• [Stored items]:
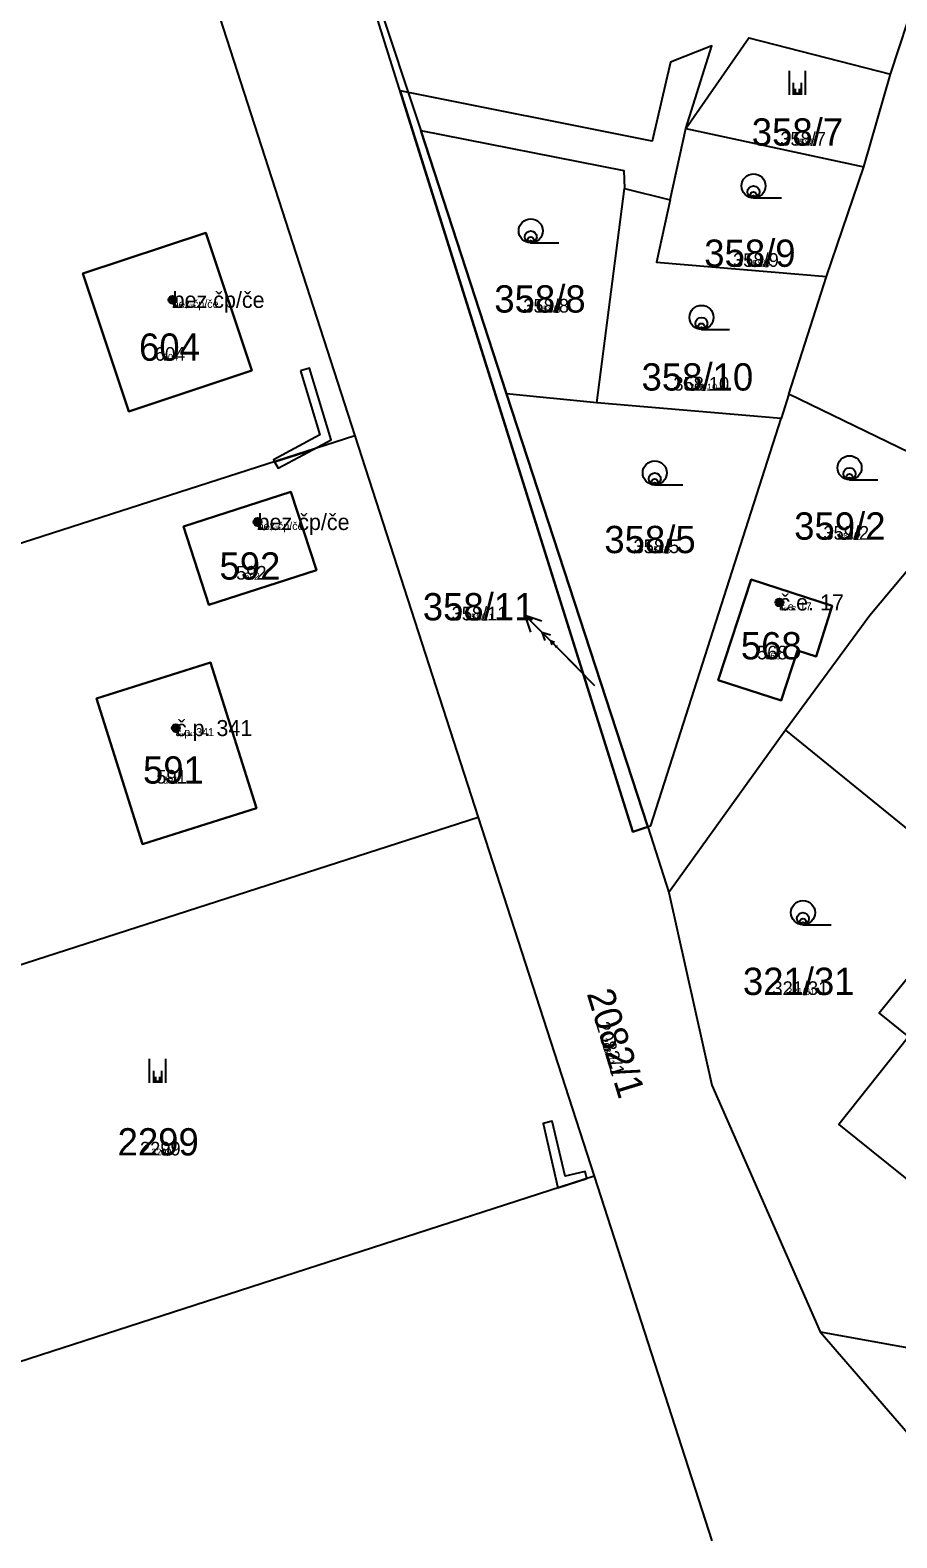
# Model space of a CAD drawing. Extents: x -744652 to -739090, y -980828 to -975855.
# Drawn here: x -742405.9 to -742351.9, y -979035.7 to -978941.8 of the extents above; entities that cross this region are included whole.
import ezdxf

# ---------------------------------------------------------------- set-up
doc = ezdxf.new("R2010")
doc.units = 0
for name, color, linetype in [('KAT_02_hranice parcel', 7, 'Continuous'), ('KAT_03_1000_st čísla parcelní', 7, 'Continuous'), ('KAT_03_1000_čísla parcelní', 7, 'Continuous'), ('KAT_03_1000_čísla popisná', 7, 'Continuous'), ('KAT_03_100_st čísla parcelní', 7, 'Continuous'), ('KAT_03_100_čísla parcelní', 7, 'Continuous'), ('KAT_03_100_čísla popisná', 7, 'Continuous'), ('KAT_03_250_st čísla parcelní', 7, 'Continuous'), ('KAT_03_250_čísla parcelní', 7, 'Continuous'), ('KAT_03_250_čísla popisná', 7, 'Continuous'), ('KAT_03_500_st čísla parcelní', 7, 'Continuous'), ('KAT_03_500_čísla parcelní', 7, 'Continuous'), ('KAT_03_500_čísla popisná', 7, 'Continuous'), ('KAT_05_1000_značky kultur', 7, 'Continuous'), ('KAT_05_100_značky kultur', 7, 'Continuous'), ('KAT_05_250_značky kultur', 7, 'Continuous'), ('KAT_05_500_značky kultur', 7, 'Continuous'), ('KAT_07_1000_značky budov', 7, 'Continuous'), ('KAT_07_100_značky budov', 7, 'Continuous'), ('KAT_07_500_značky budov', 7, 'Continuous'), ('KAT_10_věcná břemena', 7, 'Continuous'), ('KAT_12_pomocná šipka', 7, 'Continuous'), ('KAT_14_plocha_budovy', 7, 'Continuous')]:
    doc.layers.add(name, color=color, linetype=linetype)

msp = doc.modelspace()

# ---------------------------------------------------------------- linework, layer by layer
at = {"layer": 'KAT_02_hranice parcel'}
for p, q in [((-742391.18, -978919), (-742381.55, -978948.02)), ((-742352.31, -978944.52), (-742348.59, -978933.15)), ((-742395.24, -978937.4), (-742385.66, -978967.06)), ((-742353.98, -978950.28), (-742352.31, -978944.52)), ((-742366.03, -978952.34), (-742365.05, -978947.9)), ((-742365.05, -978947.9), (-742353.98, -978950.28)), ((-742381.55, -978948.02), (-742376.23, -978964.44)), ((-742356.29, -978957.13), (-742353.98, -978950.28)), ((-742370.6, -978964.99), (-742368.88, -978951.64)), ((-742368.88, -978951.64), (-742366.03, -978952.34)), ((-742358.65, -978964.45), (-742356.29, -978957.13)), ((-742370.6, -978964.99), (-742376.23, -978964.44)), ((-742376.23, -978964.44), (-742367.42, -978991.42)), ((-742358.65, -978964.45), (-742359.13, -978965.98)), ((-742346.86, -978970.19), (-742358.65, -978964.45)), ((-742359.13, -978965.98), (-742370.6, -978964.99)), ((-742385.66, -978967.06), (-742377.98, -978990.83)), ((-742358.86, -978985.4), (-742366.11, -978995.5)), ((-742358.86, -978985.4), (-742333.76, -979005.77)), ((-742377.98, -978990.83), (-742424.07, -979005.7)), ((-742377.98, -978990.83), (-742370.77, -979013.18)), ((-742367.42, -978991.42), (-742366.11, -978995.5)), ((-742370.77, -979013.18), (-742416.9, -979028.09)), ((-742370.77, -979013.18), (-742363.43, -979035.9)), ((-742356.7, -979022.87), (-742347.31, -979033.75))]:
    msp.add_line(p, q, dxfattribs=at)
for points in [[(-742367.42, -978991.42), (-742368.35, -978991.73), (-742391.18, -978919)], [(-742365.05, -978947.9), (-742361.13, -978942.26), (-742352.31, -978944.52)], [(-742381.55, -978948.02), (-742368.92, -978950.51), (-742368.88, -978951.64)], [(-742366.03, -978952.34), (-742366.89, -978956.22), (-742356.29, -978957.13)], [(-742394.94, -978954.4), (-742392.07, -978962.98), (-742399.73, -978965.53), (-742402.6, -978956.94), (-742394.94, -978954.4)], [(-742367.42, -978991.42), (-742367.24, -978991.34), (-742359.13, -978965.98)], [(-742385.66, -978967.06), (-742418.49, -978977.62), (-742431.69, -978981.87)], [(-742346.86, -978970.19), (-742353.6, -978978.24), (-742358.86, -978985.4)], [(-742389.65, -978970.55), (-742388.06, -978975.42), (-742394.75, -978977.59), (-742396.33, -978972.7), (-742389.65, -978970.55)], [(-742359.12, -978983.55), (-742363.04, -978982.28), (-742360.98, -978976.01), (-742355.94, -978977.64), (-742356.95, -978980.8), (-742358.1, -978980.42), (-742359.12, -978983.55)], [(-742398.89, -978992.5), (-742401.76, -978983.42), (-742394.65, -978981.17), (-742391.79, -978990.26), (-742398.89, -978992.5)], [(-742366.11, -978995.5), (-742363.44, -979007.5), (-742356.7, -979022.87)], [(-742341.51, -979015.59), (-742345.7, -979012.29), (-742346.66, -979011.52), (-742343.24, -979007.35), (-742346.77, -979004.52), (-742345.49, -979002.88), (-742346.69, -979001.94), (-742350, -978999.29), (-742353.02, -979003.02), (-742351.19, -979004.5), (-742355.53, -979009.96), (-742349.38, -979014.9), (-742349, -979014.44), (-742348.1, -979015.14), (-742344.85, -979018.06), (-742344.3, -979019.01)], [(-742356.7, -979022.87), (-742350.48, -979023.99), (-742348.33, -979024), (-742344.3, -979019.01)]]:
    msp.add_lwpolyline(points, dxfattribs=at)
at = {"layer": 'KAT_03_1000_čísla popisná'}
for centre in [(-742397.01, -978958.58), (-742397.01, -978958.58), (-742391.72, -978972.42), (-742391.72, -978972.42), (-742359.23, -978977.43), (-742359.23, -978977.43), (-742396.81, -978985.26), (-742396.81, -978985.26)]:
    msp.add_circle(centre, 0.25, dxfattribs=at)
at = {"layer": 'KAT_03_100_čísla popisná'}
for p, q in [((-742372.96, -978980.34), (-742373.172, -978980.128)), ((-742373.172, -978980.128), (-742373.066, -978980.163)), ((-742373.172, -978980.128), (-742373.137, -978980.234)), ((-742371.733, -978981.594), (-742371.956, -978981.366))]:
    msp.add_line(p, q, dxfattribs=at)
for centre in [(-742397.01, -978958.58), (-742397.01, -978958.58), (-742391.72, -978972.42), (-742391.72, -978972.42), (-742359.23, -978977.43), (-742359.23, -978977.43), (-742396.81, -978985.26), (-742396.81, -978985.26)]:
    msp.add_circle(centre, 0.025, dxfattribs=at)
at = {"layer": 'KAT_03_250_čísla popisná'}
for p, q in [((-742372.96, -978980.34), (-742374.021, -978979.279)), ((-742374.021, -978979.279), (-742373.49, -978979.456)), ((-742374.021, -978979.279), (-742373.844, -978979.81)), ((-742372.96, -978980.34), (-742373.491, -978979.809)), ((-742373.491, -978979.809), (-742373.225, -978979.898)), ((-742373.491, -978979.809), (-742373.402, -978980.075)), ((-742371.287, -978982.05), (-742372.402, -978980.91)), ((-742371.566, -978981.765), (-742372.124, -978981.195))]:
    msp.add_line(p, q, dxfattribs=at)
for centre in [(-742397.01, -978958.58), (-742397.01, -978958.58), (-742391.72, -978972.42), (-742391.72, -978972.42), (-742359.23, -978977.43), (-742359.23, -978977.43), (-742396.81, -978985.26), (-742396.81, -978985.26)]:
    msp.add_circle(centre, 0.0625, dxfattribs=at)
at = {"layer": 'KAT_03_500_čísla popisná'}
for p, q in [((-742372.96, -978980.34), (-742374.021, -978979.279)), ((-742374.021, -978979.279), (-742373.49, -978979.456)), ((-742374.021, -978979.279), (-742373.844, -978979.81)), ((-742371.287, -978982.05), (-742372.402, -978980.91))]:
    msp.add_line(p, q, dxfattribs=at)
for centre in [(-742397.01, -978958.58), (-742397.01, -978958.58), (-742391.72, -978972.42), (-742391.72, -978972.42), (-742359.23, -978977.43), (-742359.23, -978977.43), (-742396.81, -978985.26), (-742396.81, -978985.26)]:
    msp.add_circle(centre, 0.125, dxfattribs=at)
at = {"layer": 'KAT_05_1000_značky kultur'}
for p, q in [((-742358.611, -978945.81), (-742358.611, -978944.31)), ((-742357.61, -978945.81), (-742357.61, -978944.31)), ((-742360.843, -978952.23), (-742359.093, -978952.23)), ((-742374.713, -978955.03), (-742372.963, -978955.03)), ((-742364.083, -978960.42), (-742362.333, -978960.42)), ((-742366.993, -978970.11), (-742365.243, -978970.11)), ((-742354.863, -978969.79), (-742353.113, -978969.79)), ((-742357.763, -978997.51), (-742356.013, -978997.51)), ((-742398.441, -979007.36), (-742398.441, -979005.86)), ((-742397.44, -979007.36), (-742397.44, -979005.86))]:
    msp.add_line(p, q, dxfattribs=at)
for centre in [(-742360.843, -978951.48), (-742374.713, -978954.28), (-742364.083, -978959.67), (-742354.863, -978969.04), (-742366.993, -978969.36), (-742357.763, -978996.76)]:
    msp.add_circle(centre, 0.75, dxfattribs=at)
at = {"layer": 'KAT_05_100_značky kultur'}
for p, q in [((-742358.151, -978945.81), (-742358.151, -978945.66)), ((-742358.051, -978945.81), (-742358.051, -978945.66)), ((-742360.849, -978952.23), (-742360.674, -978952.23)), ((-742374.719, -978955.03), (-742374.544, -978955.03)), ((-742364.089, -978960.42), (-742363.914, -978960.42)), ((-742366.999, -978970.11), (-742366.824, -978970.11)), ((-742354.869, -978969.79), (-742354.694, -978969.79)), ((-742357.769, -978997.51), (-742357.594, -978997.51)), ((-742397.981, -979007.36), (-742397.981, -979007.21)), ((-742397.881, -979007.36), (-742397.881, -979007.21))]:
    msp.add_line(p, q, dxfattribs=at)
for centre in [(-742360.849, -978952.155), (-742374.719, -978954.955), (-742364.089, -978960.345), (-742366.999, -978970.035), (-742354.869, -978969.715), (-742357.769, -978997.435)]:
    msp.add_circle(centre, 0.075, dxfattribs=at)
at = {"layer": 'KAT_05_250_značky kultur'}
for p, q in [((-742358.228, -978945.81), (-742358.228, -978945.435)), ((-742357.978, -978945.81), (-742357.978, -978945.435)), ((-742360.848, -978952.23), (-742360.411, -978952.23)), ((-742374.718, -978955.03), (-742374.281, -978955.03)), ((-742364.088, -978960.42), (-742363.651, -978960.42)), ((-742366.998, -978970.11), (-742366.561, -978970.11)), ((-742354.868, -978969.79), (-742354.431, -978969.79)), ((-742357.768, -978997.51), (-742357.331, -978997.51)), ((-742398.058, -979007.36), (-742398.058, -979006.985)), ((-742397.807, -979007.36), (-742397.807, -979006.985))]:
    msp.add_line(p, q, dxfattribs=at)
for centre in [(-742360.848, -978952.042), (-742374.718, -978954.842), (-742364.088, -978960.232), (-742354.868, -978969.602), (-742366.998, -978969.922), (-742357.768, -978997.322)]:
    msp.add_circle(centre, 0.187, dxfattribs=at)
at = {"layer": 'KAT_05_500_značky kultur'}
for p, q in [((-742358.356, -978945.81), (-742358.356, -978945.06)), ((-742357.855, -978945.81), (-742357.855, -978945.06)), ((-742360.846, -978952.23), (-742359.971, -978952.23)), ((-742374.716, -978955.03), (-742373.841, -978955.03)), ((-742364.086, -978960.42), (-742363.211, -978960.42)), ((-742366.997, -978970.11), (-742366.122, -978970.11)), ((-742354.867, -978969.79), (-742353.992, -978969.79)), ((-742357.767, -978997.51), (-742356.892, -978997.51)), ((-742398.186, -979007.36), (-742398.186, -979006.61)), ((-742397.685, -979007.36), (-742397.685, -979006.61))]:
    msp.add_line(p, q, dxfattribs=at)
for centre in [(-742360.846, -978951.855), (-742374.716, -978954.655), (-742364.086, -978960.045), (-742366.996, -978969.735), (-742354.866, -978969.415), (-742357.766, -978997.135)]:
    msp.add_circle(centre, 0.375, dxfattribs=at)
at = {"layer": 'KAT_07_1000_značky budov'}
for centre in [(-742397.017, -978958.579), (-742391.727, -978972.419), (-742359.237, -978977.429), (-742396.817, -978985.259)]:
    msp.add_circle(centre, 0.175, dxfattribs=at)
at = {"layer": 'KAT_07_100_značky budov'}
for centre in [(-742397.011, -978958.58), (-742391.721, -978972.42), (-742359.231, -978977.43), (-742396.811, -978985.26)]:
    msp.add_circle(centre, 0.0175, dxfattribs=at)
at = {"layer": 'KAT_07_500_značky budov'}
for centre, radius in [((-742397.013, -978958.58), 0.0875), ((-742397.012, -978958.58), 0.0438), ((-742391.723, -978972.42), 0.0875), ((-742391.722, -978972.42), 0.0438), ((-742359.233, -978977.43), 0.0875), ((-742359.232, -978977.43), 0.0438), ((-742396.813, -978985.26), 0.0875), ((-742396.812, -978985.26), 0.0438)]:
    msp.add_circle(centre, radius, dxfattribs=at)
at = {"layer": 'KAT_10_věcná břemena'}
for points in [[(-742363.44, -978942.76), (-742366.01, -978943.77), (-742367.16, -978948.69), (-742382.85, -978945.55), (-742368.35, -978991.73), (-742367.42, -978991.42), (-742376.23, -978964.44), (-742381.55, -978948.02), (-742368.92, -978950.51), (-742368.88, -978951.64), (-742366.03, -978952.34), (-742365.05, -978947.9)], [(-742365.05, -978947.9), (-742363.44, -978942.76), (-742366.01, -978943.77), (-742367.16, -978948.69), (-742382.85, -978945.55), (-742368.35, -978991.73), (-742367.42, -978991.42), (-742376.23, -978964.44), (-742381.55, -978948.02), (-742368.92, -978950.51), (-742368.88, -978951.64), (-742366.03, -978952.34)], [(-742389.05, -978963.01), (-742387.85, -978966.99), (-742390.74, -978968.54), (-742390.67, -978968.67), (-742388.26, -978967.9), (-742387.13, -978967.29), (-742388.48, -978962.84)], [(-742388.26, -978967.9), (-742390.67, -978968.67), (-742390.45, -978969.07)], [(-742371.23, -979013.33), (-742371.33, -979012.89), (-742372.57, -979013.17), (-742373.37, -979009.75), (-742373.95, -979009.89), (-742373.03, -979013.91)]]:
    msp.add_lwpolyline(points, close=True, dxfattribs=at)
at = {"layer": 'KAT_12_pomocná šipka'}
for p, q in [((-742372.96, -978980.34), (-742375.082, -978978.218)), ((-742375.082, -978978.218), (-742374.02, -978978.572)), ((-742375.082, -978978.218), (-742374.728, -978979.28)), ((-742370.73, -978982.62), (-742372.96, -978980.34))]:
    msp.add_line(p, q, dxfattribs=at)
at = {"layer": 'KAT_14_plocha_budovy'}
for points in [[(-742402.6, -978956.94), (-742399.73, -978965.53), (-742392.07, -978962.98), (-742394.94, -978954.4)], [(-742396.33, -978972.7), (-742394.75, -978977.59), (-742388.06, -978975.42), (-742389.65, -978970.55)], [(-742363.04, -978982.28), (-742359.12, -978983.55), (-742358.1, -978980.42), (-742356.95, -978980.8), (-742355.94, -978977.64), (-742360.98, -978976.01)], [(-742401.76, -978983.42), (-742398.89, -978992.5), (-742391.79, -978990.26), (-742394.65, -978981.17)], [(-742355.53, -979009.96), (-742349.38, -979014.9), (-742349, -979014.44), (-742348.1, -979015.14), (-742345.7, -979012.29), (-742346.66, -979011.52), (-742343.24, -979007.35), (-742346.77, -979004.52), (-742347.96, -979003.56), (-742346.69, -979001.94), (-742350, -978999.29), (-742353.02, -979003.02), (-742351.19, -979004.5)]]:
    msp.add_lwpolyline(points, close=True, dxfattribs=at)

# ---------------------------------------------------------------- texts
at = {"layer": 'KAT_03_1000_st čísla parcelní'}
for s, p in [('604', (-742399.104, -978962.37)), ('592', (-742394.094, -978976.01)), ('568', (-742361.634, -978980.98)), ('591', (-742398.854, -978988.72))]:
    msp.add_text(s, height=1.7, dxfattribs=at).set_placement(p)
at = {"layer": 'KAT_03_1000_čísla parcelní'}
for s, p in [('358/7', (-742360.953, -978948.97)), ('358/9', (-742363.913, -978956.52)), ('358/8', (-742376.983, -978959.37)), ('358/10', (-742367.815, -978964.23)), ('359/2', (-742358.313, -978973.52)), ('358/5', (-742370.133, -978974.36)), ('358/11', (-742381.435, -978978.55)), ('321/31', (-742361.505, -979001.89)), ('2299', (-742400.437, -979011.89))]:
    msp.add_text(s, height=1.7, dxfattribs=at).set_placement(p)
msp.add_text('2082/1', height=1.7, rotation=287, dxfattribs=at).set_placement((-742371.239, -979001.797))
at = {"layer": 'KAT_03_1000_čísla popisná'}
for s, height, p in [('bez čp/če', 1, (-742397.01, -978959.08)), ('604', 0.017, (-742397.143, -978962.37)), ('bez čp/če', 1, (-742391.72, -978972.92)), ('592', 0.017, (-742392.04, -978976.01)), ('č.e. 17', 1, (-742359.23, -978977.93)), ('568', 0.017, (-742359.633, -978980.98)), ('č.p. 341', 1, (-742396.81, -978985.76)), ('591', 0.017, (-742397.218, -978988.72))]:
    msp.add_text(s, height=height, dxfattribs=at).set_placement(p)
at = {"layer": 'KAT_03_100_st čísla parcelní'}
for s, p in [('604', (-742397.321, -978962.37)), ('592', (-742392.227, -978976.01)), ('568', (-742359.815, -978980.98)), ('591', (-742397.366, -978988.72))]:
    msp.add_text(s, height=0.17, dxfattribs=at).set_placement(p)
at = {"layer": 'KAT_03_100_čísla parcelní'}
for s, p in [('358/7', (-742357.755, -978948.97)), ('358/9', (-742360.679, -978956.52)), ('358/8', (-742373.73, -978959.37)), ('358/10', (-742364.249, -978964.23)), ('358/5', (-742366.856, -978974.36)), ('359/2', (-742355.036, -978973.52)), ('358/11', (-742378.207, -978978.55)), ('321/31', (-742358.198, -979001.89)), ('2299', (-742397.925, -979011.89))]:
    msp.add_text(s, height=0.17, dxfattribs=at).set_placement(p)
msp.add_text('2082/1', height=0.17, rotation=287, dxfattribs=at).set_placement((-742370.193, -979005.218))
at = {"layer": 'KAT_03_100_čísla popisná'}
for s, height, p in [('bez čp/če', 0.1, (-742397.01, -978959.08)), ('604', 0.0017, (-742397.125, -978962.37)), ('bez čp/če', 0.1, (-742391.72, -978972.92)), ('592', 0.0017, (-742392.021, -978976.01)), ('č.e. 17', 0.1, (-742359.23, -978977.93)), ('568', 0.0017, (-742359.615, -978980.98)), ('č.p. 341', 0.1, (-742396.81, -978985.76)), ('591', 0.0017, (-742397.203, -978988.72))]:
    msp.add_text(s, height=height, dxfattribs=at).set_placement(p)
at = {"layer": 'KAT_03_250_st čísla parcelní'}
for s, p in [('604', (-742397.618, -978962.37)), ('592', (-742392.538, -978976.01)), ('568', (-742360.118, -978980.98)), ('591', (-742397.614, -978988.72))]:
    msp.add_text(s, height=0.425, dxfattribs=at).set_placement(p)
at = {"layer": 'KAT_03_250_čísla parcelní'}
for s, p in [('358/7', (-742358.288, -978948.97)), ('358/9', (-742361.218, -978956.52)), ('358/8', (-742374.273, -978959.37)), ('358/10', (-742364.844, -978964.23)), ('359/2', (-742355.582, -978973.52)), ('358/5', (-742367.402, -978974.36)), ('358/11', (-742378.745, -978978.55)), ('321/31', (-742358.749, -979001.89)), ('2299', (-742398.344, -979011.89))]:
    msp.add_text(s, height=0.425, dxfattribs=at).set_placement(p)
msp.add_text('2082/1', height=0.425, rotation=287, dxfattribs=at).set_placement((-742370.367, -979004.648))
at = {"layer": 'KAT_03_250_čísla popisná'}
for s, height, p in [('bez čp/če', 0.25, (-742397.01, -978959.08)), ('604', 0.00425, (-742397.128, -978962.37)), ('bez čp/če', 0.25, (-742391.72, -978972.92)), ('592', 0.00425, (-742392.025, -978976.01)), ('č.e. 17', 0.25, (-742359.23, -978977.93)), ('568', 0.00425, (-742359.618, -978980.98)), ('č.p. 341', 0.25, (-742396.81, -978985.76)), ('591', 0.00425, (-742397.205, -978988.72))]:
    msp.add_text(s, height=height, dxfattribs=at).set_placement(p)
at = {"layer": 'KAT_03_500_st čísla parcelní'}
for s, p in [('604', (-742398.114, -978962.37)), ('592', (-742393.057, -978976.01)), ('568', (-742360.623, -978980.98)), ('591', (-742398.028, -978988.72))]:
    msp.add_text(s, height=0.85, dxfattribs=at).set_placement(p)
at = {"layer": 'KAT_03_500_čísla parcelní'}
for s, p in [('358/7', (-742359.176, -978948.97)), ('358/9', (-742362.116, -978956.52)), ('358/8', (-742375.176, -978959.37)), ('358/10', (-742365.834, -978964.23)), ('359/2', (-742356.493, -978973.52)), ('358/5', (-742368.313, -978974.36)), ('358/11', (-742379.641, -978978.55)), ('321/31', (-742359.668, -979001.89)), ('2299', (-742399.042, -979011.89))]:
    msp.add_text(s, height=0.85, dxfattribs=at).set_placement(p)
msp.add_text('2082/1', height=0.85, rotation=287, dxfattribs=at).set_placement((-742370.658, -979003.698))
at = {"layer": 'KAT_03_500_čísla popisná'}
for s, height, p in [('bez čp/če', 0.5, (-742397.01, -978959.08)), ('604', 0.0085, (-742397.133, -978962.37)), ('bez čp/če', 0.5, (-742391.72, -978972.92)), ('592', 0.0085, (-742392.03, -978976.01)), ('č.e. 17', 0.5, (-742359.23, -978977.93)), ('568', 0.0085, (-742359.623, -978980.98)), ('č.p. 341', 0.5, (-742396.81, -978985.76)), ('591', 0.0085, (-742397.209, -978988.72))]:
    msp.add_text(s, height=height, dxfattribs=at).set_placement(p)

doc.saveas('drawing.dxf')

• [Task item]:
After dropping the pictures, reproduce exactly the lines from the first line of the entries through the line containing "doc.units = 0", both included.

• [Result of the task]:
# Model space of a CAD drawing. Extents: x -744652 to -739090, y -980828 to -975855.
# Drawn here: x -742405.9 to -742351.9, y -979035.7 to -978941.8 of the extents above; entities that cross this region are included whole.
import ezdxf

# ---------------------------------------------------------------- set-up
doc = ezdxf.new("R2010")
doc.units = 0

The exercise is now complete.